Weil er also wusste, dass er sich auf niemanden verlassen konnte, hatte er auch nicht damit gerechnet, dass jemand kommen und sich freiwillig um ihn kümmern würde. Miwa und Ichiru waren dazu verpflichtet ihn zu helfen, weil es schlecht aussehen würde, wenn sie das nicht täten, und er hatte jeden Tag aufs Neue gemerkt wie ungerne sie ihn in ihren Leben hatten. Aber dann war Shouyou aufgetaucht, ausgerechnet Shouyou, und schien nicht vorzuhaben wieder wegzugehen. Schien vorzuhaben sich um ihn zu kümmern, ob er damit einverstanden war oder nicht.
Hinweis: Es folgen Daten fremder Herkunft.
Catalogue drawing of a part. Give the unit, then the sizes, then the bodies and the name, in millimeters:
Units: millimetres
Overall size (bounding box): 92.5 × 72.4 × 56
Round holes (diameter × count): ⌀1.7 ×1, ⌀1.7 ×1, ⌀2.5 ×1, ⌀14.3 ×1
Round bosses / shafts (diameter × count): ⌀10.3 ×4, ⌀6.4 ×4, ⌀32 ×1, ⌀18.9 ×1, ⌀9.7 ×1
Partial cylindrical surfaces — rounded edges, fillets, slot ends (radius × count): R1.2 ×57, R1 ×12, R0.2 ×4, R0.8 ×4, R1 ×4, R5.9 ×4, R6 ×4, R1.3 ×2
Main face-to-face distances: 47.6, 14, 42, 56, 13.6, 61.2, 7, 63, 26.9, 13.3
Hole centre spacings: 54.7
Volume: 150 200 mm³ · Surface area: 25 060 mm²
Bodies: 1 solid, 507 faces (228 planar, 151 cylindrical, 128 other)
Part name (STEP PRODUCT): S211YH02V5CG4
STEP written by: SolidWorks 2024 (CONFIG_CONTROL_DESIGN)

Und ein Teil von ihm, der war von dieser Geste so gerührt, dass er daran glauben wollte, dass sie ernst gemeint war. Dass Shouyou sich nicht nur aus falsch verstandenem Pflichtgefühl heraus um ihn kümmerte. Doch er versuchte sein Bestes diesen Teil von sich zum Schweigen zu bringen, sich daran zu erinnern, dass er sich nicht auf Shouyou verlassen konnte, dass er sich auf niemanden verlassen konnte.